Data shown -

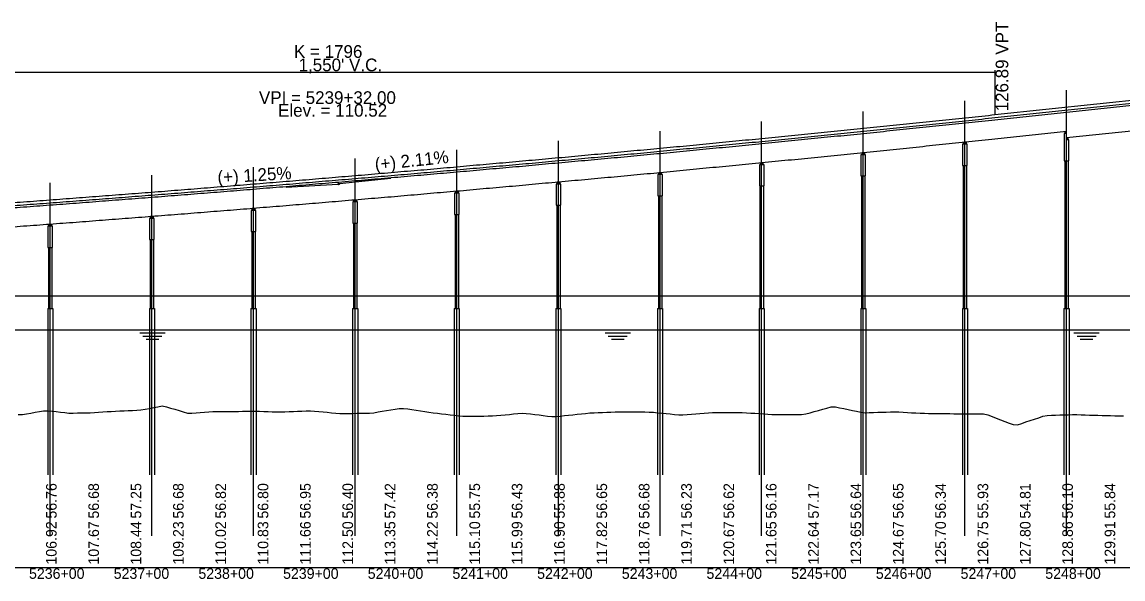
# Model space of a CAD drawing. Extents: x 2121671 to 2169879, y 557274 to 599957.
# Drawn here: x 2153126 to 2154426, y 579173 to 579831 of the extents above; entities that cross this region are included whole.
import ezdxf

# ---------------------------------------------------------------- set-up
doc = ezdxf.new("R2010")
doc.units = 0
for name, color, linetype in [('BR_CENTER LINES', 7, 'Continuous'), ('BR_CONCRETE', 7, 'Continuous'), ('BR_DETAILS', 7, 'Continuous'), ('BR_PRESTRESSED BEAM', 7, 'Continuous'), ('RD_DDB_GradeTX', 7, 'Continuous'), ('RD_DDB_Profile_Elev', 7, 'Continuous'), ('RD_DDB_Profile_EX', 7, 'Continuous'), ('RD_DDB_Profile_Lbl', 7, 'Continuous'), ('RD_DDB_Profile_PR', 7, 'Continuous'), ('RD_DDB_StaTX', 7, 'Continuous'), ('RD_DDB_StripGrade', 7, 'Continuous'), ('RD_DDB_VCLbl', 7, 'Continuous'), ('RD_GPK_Profile_Cell', 7, 'Continuous')]:
    doc.layers.add(name, color=color, linetype=linetype)

msp = doc.modelspace()

# ---------------------------------------------------------------- linework, layer by layer
at = {"layer": 'BR_CENTER LINES'}
for p, q in [((2154359.4, 579224.3), (2154359.4, 579750.2)), ((2154239.4, 579224.3), (2154239.4, 579737.6)), ((2154119.4, 579224.3), (2154119.4, 579725.2)), ((2153999.4, 579224.3), (2153999.4, 579713.3)), ((2153879.4, 579224.3), (2153879.4, 579701.7)), ((2153759.4, 579224.3), (2153759.4, 579690.5)), ((2153639.4, 579224.3), (2153639.4, 579679.8)), ((2153399.4, 579224.3), (2153399.4, 579659.5)), ((2153519.4, 579224.3), (2153519.4, 579669.4)), ((2153279.4, 579224.3), (2153279.4, 579649.9)), ((2153159.4, 579224.3), (2153159.4, 579640.8))]:
    msp.add_line(p, q, dxfattribs=at)
at = {"layer": 'BR_CONCRETE'}
for p, q in [((2154274.9, 579717.8), (2154567.9, 579748.7)), ((2154359.4, 579699), (2154356.7, 579699)), ((2154356.7, 579699), (2154356.7, 579666.7)), ((2154359.4, 579691.7), (2154359.4, 579699)), ((2154362.2, 579691.7), (2154359.4, 579691.7)), ((2154362.2, 579666.7), (2154362.2, 579691.7)), ((2154237.4, 579661.4), (2154237.4, 579492.4)), ((2154241.4, 579661.4), (2154241.4, 579492.4)), ((2154356.7, 579666.7), (2154362.2, 579666.7)), ((2154357.4, 579666.7), (2154357.4, 579492.4)), ((2154361.4, 579666.7), (2154361.4, 579492.4)), ((2154117.4, 579649), (2154117.4, 579492.4)), ((2154121.4, 579649), (2154121.4, 579492.4)), ((2153997.4, 579637.1), (2153997.4, 579492.4)), ((2154001.4, 579637.1), (2154001.4, 579492.4)), ((2153877.4, 579625.5), (2153877.4, 579492.4)), ((2153881.4, 579625.5), (2153881.4, 579492.4)), ((2153757.4, 579614.4), (2153757.4, 579492.4)), ((2153761.4, 579614.4), (2153761.4, 579492.4)), ((2153517.4, 579593.3), (2153517.4, 579492.4)), ((2153521.4, 579593.3), (2153521.4, 579492.4)), ((2153637.4, 579603.6), (2153637.4, 579492.4)), ((2153641.4, 579603.6), (2153641.4, 579492.4)), ((2153397.4, 579583.3), (2153397.4, 579492.4)), ((2153401.4, 579583.3), (2153401.4, 579492.4)), ((2153277.4, 579573.8), (2153277.4, 579492.4)), ((2153281.4, 579573.8), (2153281.4, 579492.4)), ((2153157.4, 579564.6), (2153157.4, 579492.4)), ((2153161.4, 579564.6), (2153161.4, 579492.4)), ((2153156.4, 579492.4), (2153156.4, 579296.1)), ((2153156.4, 579492.4), (2153162.4, 579492.4)), ((2153162.4, 579492.4), (2153162.4, 579296.1)), ((2153276.4, 579492.4), (2153276.4, 579296.1)), ((2153276.4, 579492.4), (2153282.4, 579492.4)), ((2153282.4, 579492.4), (2153282.4, 579296.1)), ((2153396.4, 579492.4), (2153396.4, 579296.1)), ((2153396.4, 579492.4), (2153402.4, 579492.4)), ((2153402.4, 579492.4), (2153402.4, 579296.1)), ((2153516.4, 579492.4), (2153516.4, 579296.1)), ((2153516.4, 579492.4), (2153522.4, 579492.4)), ((2153522.4, 579492.4), (2153522.4, 579296.1)), ((2153636.4, 579492.4), (2153636.4, 579296.1)), ((2153636.4, 579492.4), (2153642.4, 579492.4)), ((2153642.4, 579492.4), (2153642.4, 579296.1)), ((2153756.4, 579492.4), (2153756.4, 579296.1)), ((2153756.4, 579492.4), (2153762.4, 579492.4)), ((2153762.4, 579492.4), (2153762.4, 579296.1)), ((2153876.4, 579492.4), (2153876.4, 579296.1)), ((2153876.4, 579492.4), (2153882.4, 579492.4)), ((2153882.4, 579492.4), (2153882.4, 579296.1)), ((2153996.4, 579492.4), (2153996.4, 579296.1)), ((2153996.4, 579492.4), (2154002.4, 579492.4)), ((2154002.4, 579492.4), (2154002.4, 579296.1)), ((2154116.4, 579492.4), (2154116.4, 579296.1)), ((2154116.4, 579492.4), (2154122.4, 579492.4)), ((2154122.4, 579492.4), (2154122.4, 579296.1)), ((2154236.4, 579492.4), (2154236.4, 579296.1)), ((2154236.4, 579492.4), (2154242.4, 579492.4)), ((2154242.4, 579492.4), (2154242.4, 579296.1)), ((2154356.4, 579492.4), (2154356.4, 579296.1)), ((2154356.4, 579492.4), (2154362.4, 579492.4)), ((2154362.4, 579492.4), (2154362.4, 579296.1))]:
    msp.add_line(p, q, dxfattribs=at)
for points in [[(2154236.7, 579661.4), (2154242.2, 579661.4), (2154242.2, 579686.4), (2154236.7, 579686.4)], [(2154116.7, 579649), (2154122.2, 579649), (2154122.2, 579674), (2154116.7, 579674)], [(2153996.7, 579637.1), (2154002.2, 579637.1), (2154002.2, 579662.1), (2153996.7, 579662.1)], [(2153876.7, 579625.5), (2153882.2, 579625.5), (2153882.2, 579650.5), (2153876.7, 579650.5)], [(2153756.7, 579614.4), (2153762.2, 579614.4), (2153762.2, 579639.4), (2153756.7, 579639.4)], [(2153516.7, 579593.3), (2153522.2, 579593.3), (2153522.2, 579618.3), (2153516.7, 579618.3)], [(2153636.7, 579603.6), (2153642.2, 579603.6), (2153642.2, 579628.6), (2153636.7, 579628.6)], [(2153396.7, 579583.3), (2153402.2, 579583.3), (2153402.2, 579608.3), (2153396.7, 579608.3)], [(2153276.7, 579573.8), (2153282.2, 579573.8), (2153282.2, 579598.8), (2153276.7, 579598.8)], [(2153156.7, 579564.6), (2153162.2, 579564.6), (2153162.2, 579589.6), (2153156.7, 579589.6)]]:
    msp.add_lwpolyline(points, close=True, dxfattribs=at)
msp.add_spline([(2152724.9, 579587.5), (2152755.9, 579589.4), (2152786.9, 579591.4), (2152817.9, 579593.4), (2152848.9, 579595.4), (2152879.9, 579597.5), (2152910.9, 579599.6), (2152941.9, 579601.7), (2152972.9, 579603.8), (2153003.9, 579606), (2153034.9, 579608.2), (2153065.9, 579610.4), (2153096.9, 579612.6), (2153127.9, 579614.9), (2153158.9, 579617.2), (2153189.9, 579619.5), (2153220.9, 579621.9), (2153251.9, 579624.3), (2153282.9, 579626.7), (2153313.9, 579629.1), (2153344.9, 579631.6), (2153375.9, 579634), (2153406.9, 579636.6), (2153437.9, 579639.1), (2153468.9, 579641.7), (2153499.9, 579644.3), (2153530.9, 579646.9), (2153561.9, 579649.5), (2153592.9, 579652.2), (2153623.9, 579654.9), (2153654.9, 579657.6), (2153685.9, 579660.4), (2153716.9, 579663.1), (2153747.9, 579666), (2153778.9, 579668.8), (2153809.9, 579671.6), (2153840.9, 579674.5), (2153871.9, 579677.4), (2153902.9, 579680.4), (2153933.9, 579683.4), (2153964.9, 579686.3), (2153995.9, 579689.4), (2154026.9, 579692.4), (2154057.9, 579695.5), (2154088.9, 579698.6), (2154119.9, 579701.7), (2154150.9, 579704.9), (2154181.9, 579708.1), (2154212.9, 579711.3), (2154243.9, 579714.5), (2154274.9, 579717.8)], degree=3, dxfattribs=at)
at = {"layer": 'BR_DETAILS'}
for points in [[(2154357.9, 579701.5), (2154358.9, 579701.5), (2154358.9, 579699), (2154357.9, 579699)], [(2154237.9, 579688.9), (2154238.9, 579688.9), (2154238.9, 579686.4), (2154237.9, 579686.4)], [(2154239.9, 579688.9), (2154240.9, 579688.9), (2154240.9, 579686.4), (2154239.9, 579686.4)], [(2154359.9, 579694.2), (2154360.9, 579694.2), (2154360.9, 579691.7), (2154359.9, 579691.7)], [(2154117.9, 579676.5), (2154118.9, 579676.5), (2154118.9, 579674), (2154117.9, 579674)], [(2154119.9, 579676.5), (2154120.9, 579676.5), (2154120.9, 579674), (2154119.9, 579674)], [(2153997.9, 579664.6), (2153998.9, 579664.6), (2153998.9, 579662.1), (2153997.9, 579662.1)], [(2153999.9, 579664.6), (2154000.9, 579664.6), (2154000.9, 579662.1), (2153999.9, 579662.1)], [(2153877.9, 579653), (2153878.9, 579653), (2153878.9, 579650.5), (2153877.9, 579650.5)], [(2153879.9, 579653), (2153880.9, 579653), (2153880.9, 579650.5), (2153879.9, 579650.5)], [(2153637.9, 579631.1), (2153638.9, 579631.1), (2153638.9, 579628.6), (2153637.9, 579628.6)], [(2153639.9, 579631.1), (2153640.9, 579631.1), (2153640.9, 579628.6), (2153639.9, 579628.6)], [(2153757.9, 579641.9), (2153758.9, 579641.9), (2153758.9, 579639.4), (2153757.9, 579639.4)], [(2153759.9, 579641.9), (2153760.9, 579641.9), (2153760.9, 579639.4), (2153759.9, 579639.4)], [(2153517.9, 579620.8), (2153518.9, 579620.8), (2153518.9, 579618.3), (2153517.9, 579618.3)], [(2153519.9, 579620.8), (2153520.9, 579620.8), (2153520.9, 579618.3), (2153519.9, 579618.3)], [(2153397.9, 579610.8), (2153398.9, 579610.8), (2153398.9, 579608.3), (2153397.9, 579608.3)], [(2153399.9, 579610.8), (2153400.9, 579610.8), (2153400.9, 579608.3), (2153399.9, 579608.3)], [(2153157.9, 579592.1), (2153158.9, 579592.1), (2153158.9, 579589.6), (2153157.9, 579589.6)], [(2153159.9, 579592.1), (2153160.9, 579592.1), (2153160.9, 579589.6), (2153159.9, 579589.6)], [(2153277.9, 579601.3), (2153278.9, 579601.3), (2153278.9, 579598.8), (2153277.9, 579598.8)], [(2153279.9, 579601.3), (2153280.9, 579601.3), (2153280.9, 579598.8), (2153279.9, 579598.8)]]:
    msp.add_lwpolyline(points, close=True, dxfattribs=at)
at = {"layer": 'BR_PRESTRESSED BEAM'}
for p, q in [((2154274.9, 579715.3), (2154567.9, 579746.2)), ((2154359.4, 579694.2), (2154567.9, 579716.2)), ((2154274.9, 579692.8), (2154359.4, 579701.7))]:
    msp.add_line(p, q, dxfattribs=at)
for points in [[(2152724.9, 579585), (2152755.9, 579586.9), (2152786.9, 579588.9), (2152817.9, 579590.9), (2152848.9, 579592.9), (2152879.9, 579595), (2152910.9, 579597.1), (2152941.9, 579599.2), (2152972.9, 579601.3), (2153003.9, 579603.5), (2153034.9, 579605.7), (2153065.9, 579607.9), (2153096.9, 579610.1), (2153127.9, 579612.4), (2153158.9, 579614.7), (2153189.9, 579617), (2153220.9, 579619.4), (2153251.9, 579621.8), (2153282.9, 579624.2), (2153313.9, 579626.6), (2153344.9, 579629.1), (2153375.9, 579631.5), (2153406.9, 579634.1), (2153437.9, 579636.6), (2153468.9, 579639.2), (2153499.9, 579641.8), (2153530.9, 579644.4), (2153561.9, 579647), (2153592.9, 579649.7), (2153623.9, 579652.4), (2153654.9, 579655.1), (2153685.9, 579657.9), (2153716.9, 579660.6), (2153747.9, 579663.5), (2153778.9, 579666.3), (2153809.9, 579669.1), (2153840.9, 579672), (2153871.9, 579674.9), (2153902.9, 579677.9), (2153933.9, 579680.9), (2153964.9, 579683.8), (2153995.9, 579686.9), (2154026.9, 579689.9), (2154057.9, 579693), (2154088.9, 579696.1), (2154119.9, 579699.2), (2154150.9, 579702.4), (2154181.9, 579705.6), (2154212.9, 579708.8), (2154243.9, 579712), (2154274.9, 579715.3)], [(2152724.9, 579562.5), (2152755.9, 579564.4), (2152786.9, 579566.4), (2152817.9, 579568.4), (2152848.9, 579570.4), (2152879.9, 579572.5), (2152910.9, 579574.6), (2152941.9, 579576.7), (2152972.9, 579578.8), (2153003.9, 579581), (2153034.9, 579583.2), (2153065.9, 579585.4), (2153096.9, 579587.6), (2153127.9, 579589.9), (2153158.9, 579592.2), (2153189.9, 579594.5), (2153220.9, 579596.9), (2153251.9, 579599.3), (2153282.9, 579601.7), (2153313.9, 579604.1), (2153344.9, 579606.6), (2153375.9, 579609), (2153406.9, 579611.6), (2153437.9, 579614.1), (2153468.9, 579616.7), (2153499.9, 579619.3), (2153530.9, 579621.9), (2153561.9, 579624.5), (2153592.9, 579627.2), (2153623.9, 579629.9), (2153654.9, 579632.6), (2153685.9, 579635.4), (2153716.9, 579638.1), (2153747.9, 579641), (2153778.9, 579643.8), (2153809.9, 579646.6), (2153840.9, 579649.5), (2153871.9, 579652.4), (2153902.9, 579655.4), (2153933.9, 579658.4), (2153964.9, 579661.3), (2153995.9, 579664.4), (2154026.9, 579667.4), (2154057.9, 579670.5), (2154088.9, 579673.6), (2154119.9, 579676.7), (2154150.9, 579679.9), (2154181.9, 579683.1), (2154212.9, 579686.3), (2154243.9, 579689.5), (2154274.9, 579692.8)]]:
    msp.add_spline(points, degree=3, dxfattribs=at)
at = {"layer": 'RD_DDB_GradeTX'}
for p, q in [((2153561.6, 579645.9), (2153500.9, 579639.5)), ((2153438.1, 579635.6), (2153498.9, 579639.4))]:
    msp.add_line(p, q, dxfattribs=at)
msp.add_circle((2153499.9, 579639.4), 1, dxfattribs=at)
at = {"layer": 'RD_DDB_Profile_Elev'}
for p, q in [((2151922.4, 579507.4), (2155499.4, 579507.4)), ((2151953.5, 579467.4), (2156316.6, 579467.4)), ((2153265, 579463.7), (2153295, 579463.7)), ((2153814.5, 579463.7), (2153844.5, 579463.7)), ((2154368.1, 579463.7), (2154398.1, 579463.7)), ((2153268.8, 579459.9), (2153291.3, 579459.9)), ((2153272.5, 579456.2), (2153287.5, 579456.2)), ((2153818.2, 579459.9), (2153840.7, 579459.9)), ((2153822, 579456.2), (2153837, 579456.2)), ((2154371.8, 579459.9), (2154394.3, 579459.9)), ((2154375.6, 579456.2), (2154390.6, 579456.2))]:
    msp.add_line(p, q, dxfattribs=at)
at = {"layer": 'RD_DDB_Profile_EX'}
for points in [[(2153121.5, 579367.5), (2153126.5, 579367.4), (2153131.5, 579368.3), (2153136.5, 579369.2), (2153141.5, 579370.1), (2153146.5, 579371), (2153151.5, 579371.9), (2153156.5, 579371.9), (2153161.5, 579371.3), (2153166.5, 579370.8), (2153171.5, 579370.3), (2153176.5, 579369.7), (2153181.5, 579369.1), (2153186.5, 579369.2), (2153191.5, 579369.3), (2153196.5, 579369.4), (2153201.5, 579369.5), (2153206.5, 579369.6), (2153211.5, 579369.8), (2153216.5, 579370.1), (2153221.5, 579370.5)], [(2153221.5, 579370.5), (2153226.5, 579370.8), (2153231.5, 579371.1), (2153236.5, 579371.5), (2153241.5, 579371.7), (2153246.5, 579371.9), (2153251.5, 579372.1), (2153256.5, 579372.2), (2153261.5, 579372.4), (2153266.5, 579372.8), (2153271.5, 579373.7), (2153276.5, 579374.7), (2153281.5, 579375.6), (2153286.5, 579376.5), (2153291.5, 579377.5), (2153296.5, 579376.6), (2153301.5, 579375.1), (2153306.5, 579373.6), (2153311.5, 579372.1), (2153316.5, 579370.7), (2153321.5, 579369.2), (2153326.5, 579369.2), (2153331.5, 579369.5), (2153336.5, 579369.9), (2153341.5, 579370.2), (2153346.5, 579370.5), (2153351.5, 579370.8), (2153356.5, 579371.1), (2153361.5, 579370.9), (2153366.5, 579370.9), (2153371.5, 579371), (2153376.5, 579371), (2153381.5, 579371.1), (2153386.5, 579371.2), (2153391.5, 579371.2), (2153396.5, 579371.5), (2153401.5, 579371.3), (2153406.5, 579371.2), (2153411.5, 579371), (2153416.5, 579370.9), (2153421.5, 579370.7), (2153426.5, 579370.6), (2153431.5, 579370.4), (2153436.5, 579370.6), (2153441.5, 579370.8), (2153446.5, 579371), (2153451.5, 579371.2), (2153456.5, 579371.4), (2153461.5, 579371.6), (2153466.5, 579371.7), (2153471.5, 579371.3), (2153476.5, 579370.9), (2153481.5, 579370.4), (2153486.5, 579370), (2153491.5, 579369.5), (2153496.5, 579369.1), (2153501.5, 579368.6), (2153506.5, 579368.6), (2153511.5, 579368.7), (2153516.5, 579368.8), (2153521.5, 579368.9), (2153526.5, 579369), (2153531.5, 579369.1), (2153536.5, 579369.1), (2153541.5, 579369.5), (2153546.5, 579370.4), (2153551.5, 579371.2), (2153556.5, 579372), (2153561.5, 579372.9), (2153566.5, 579373.7), (2153571.5, 579374.5), (2153576.5, 579374.7), (2153581.5, 579374), (2153586.5, 579373.2), (2153591.5, 579372.4), (2153596.5, 579371.6), (2153601.5, 579370.9), (2153606.5, 579370.1), (2153611.5, 579369.5), (2153616.5, 579368.9), (2153621.5, 579368.3), (2153626.5, 579367.7), (2153631.5, 579367.1), (2153636.5, 579366.5), (2153641.5, 579365.9), (2153646.5, 579365.3), (2153651.5, 579365.4), (2153656.5, 579365.4), (2153661.5, 579365.5), (2153666.5, 579365.6), (2153671.5, 579365.6), (2153676.5, 579365.7), (2153681.5, 579365.8), (2153686.5, 579366.1), (2153691.5, 579366.6), (2153696.5, 579367.1), (2153701.5, 579367.6), (2153706.5, 579368.1), (2153711.5, 579368.6), (2153716.5, 579369.1), (2153721.5, 579368.8)], [(2153721.5, 579368.8), (2153726.5, 579368.1), (2153731.5, 579367.5), (2153736.5, 579366.9), (2153741.5, 579366.2), (2153746.5, 579365.6), (2153751.5, 579365), (2153756.5, 579365), (2153761.5, 579365.6), (2153766.5, 579366.1), (2153771.5, 579366.6), (2153776.5, 579367.2), (2153781.5, 579367.7), (2153786.5, 579368.2), (2153791.5, 579368.8), (2153796.5, 579369.3), (2153801.5, 579369.5), (2153806.5, 579369.7), (2153811.5, 579369.8), (2153816.5, 579370), (2153821.5, 579370.2), (2153826.5, 579370.4), (2153831.5, 579370.6), (2153836.5, 579370.6), (2153841.5, 579370.6), (2153846.5, 579370.5), (2153851.5, 579370.5), (2153856.5, 579370.4), (2153861.5, 579370.4), (2153866.5, 579370.3), (2153871.5, 579370), (2153876.5, 579369.5), (2153881.5, 579369), (2153886.5, 579368.5), (2153891.5, 579368.1), (2153896.5, 579367.6), (2153901.5, 579367.1), (2153906.5, 579367), (2153911.5, 579367.4), (2153916.5, 579367.8), (2153921.5, 579368.3), (2153926.5, 579368.7), (2153931.5, 579369.1), (2153936.5, 579369.5), (2153941.5, 579369.9), (2153946.5, 579369.9), (2153951.5, 579369.9), (2153956.5, 579369.9), (2153961.5, 579369.9), (2153966.5, 579369.9), (2153971.5, 579369.9), (2153976.5, 579369.9), (2153981.5, 579369.6), (2153986.5, 579369.2), (2153991.5, 579368.9), (2153996.5, 579368.6), (2154001.5, 579368.3), (2154006.5, 579367.9), (2154011.5, 579367.6), (2154016.5, 579367.6), (2154021.5, 579367.6), (2154026.5, 579367.6), (2154031.5, 579367.6), (2154036.5, 579367.6), (2154041.5, 579367.6), (2154046.5, 579367.5), (2154051.5, 579368.2), (2154056.5, 579369.6), (2154061.5, 579370.9), (2154066.5, 579372.3), (2154071.5, 579373.7), (2154076.5, 579375.1), (2154081.5, 579376.4), (2154086.5, 579376.6), (2154091.5, 579375.5), (2154096.5, 579374.5), (2154101.5, 579373.4), (2154106.5, 579372.3), (2154111.5, 579371.3), (2154116.5, 579370.2), (2154121.5, 579369.6), (2154126.5, 579369.7), (2154131.5, 579369.9), (2154136.5, 579370), (2154141.5, 579370.2), (2154146.5, 579370.3), (2154151.5, 579370.5), (2154156.5, 579370.6), (2154161.5, 579370.4), (2154166.5, 579370.1), (2154171.5, 579369.9), (2154176.5, 579369.6), (2154181.5, 579369.4), (2154186.5, 579369.1), (2154191.5, 579368.9), (2154196.5, 579368.8), (2154201.5, 579368.7), (2154206.5, 579368.7), (2154211.5, 579368.6), (2154216.5, 579368.5), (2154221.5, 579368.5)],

Work instruction -
When a line in the material above contains the word "degree", copy that line out.

Answer to the problem -
msp.add_spline([(2152724.9, 579587.5), (2152755.9, 579589.4), (2152786.9, 579591.4), (2152817.9, 579593.4), (2152848.9, 579595.4), (2152879.9, 579597.5), (2152910.9, 579599.6), (2152941.9, 579601.7), (2152972.9, 579603.8), (2153003.9, 579606), (2153034.9, 579608.2), (2153065.9, 579610.4), (2153096.9, 579612.6), (2153127.9, 579614.9), (2153158.9, 579617.2), (2153189.9, 579619.5), (2153220.9, 579621.9), (2153251.9, 579624.3), (2153282.9, 579626.7), (2153313.9, 579629.1), (2153344.9, 579631.6), (2153375.9, 579634), (2153406.9, 579636.6), (2153437.9, 579639.1), (2153468.9, 579641.7), (2153499.9, 579644.3), (2153530.9, 579646.9), (2153561.9, 579649.5), (2153592.9, 579652.2), (2153623.9, 579654.9), (2153654.9, 579657.6), (2153685.9, 579660.4), (2153716.9, 579663.1), (2153747.9, 579666), (2153778.9, 579668.8), (2153809.9, 579671.6), (2153840.9, 579674.5), (2153871.9, 579677.4), (2153902.9, 579680.4), (2153933.9, 579683.4), (2153964.9, 579686.3), (2153995.9, 579689.4), (2154026.9, 579692.4), (2154057.9, 579695.5), (2154088.9, 579698.6), (2154119.9, 579701.7), (2154150.9, 579704.9), (2154181.9, 579708.1), (2154212.9, 579711.3), (2154243.9, 579714.5), (2154274.9, 579717.8)], degree=3, dxfattribs=at)
    msp.add_spline(points, degree=3, dxfattribs=at)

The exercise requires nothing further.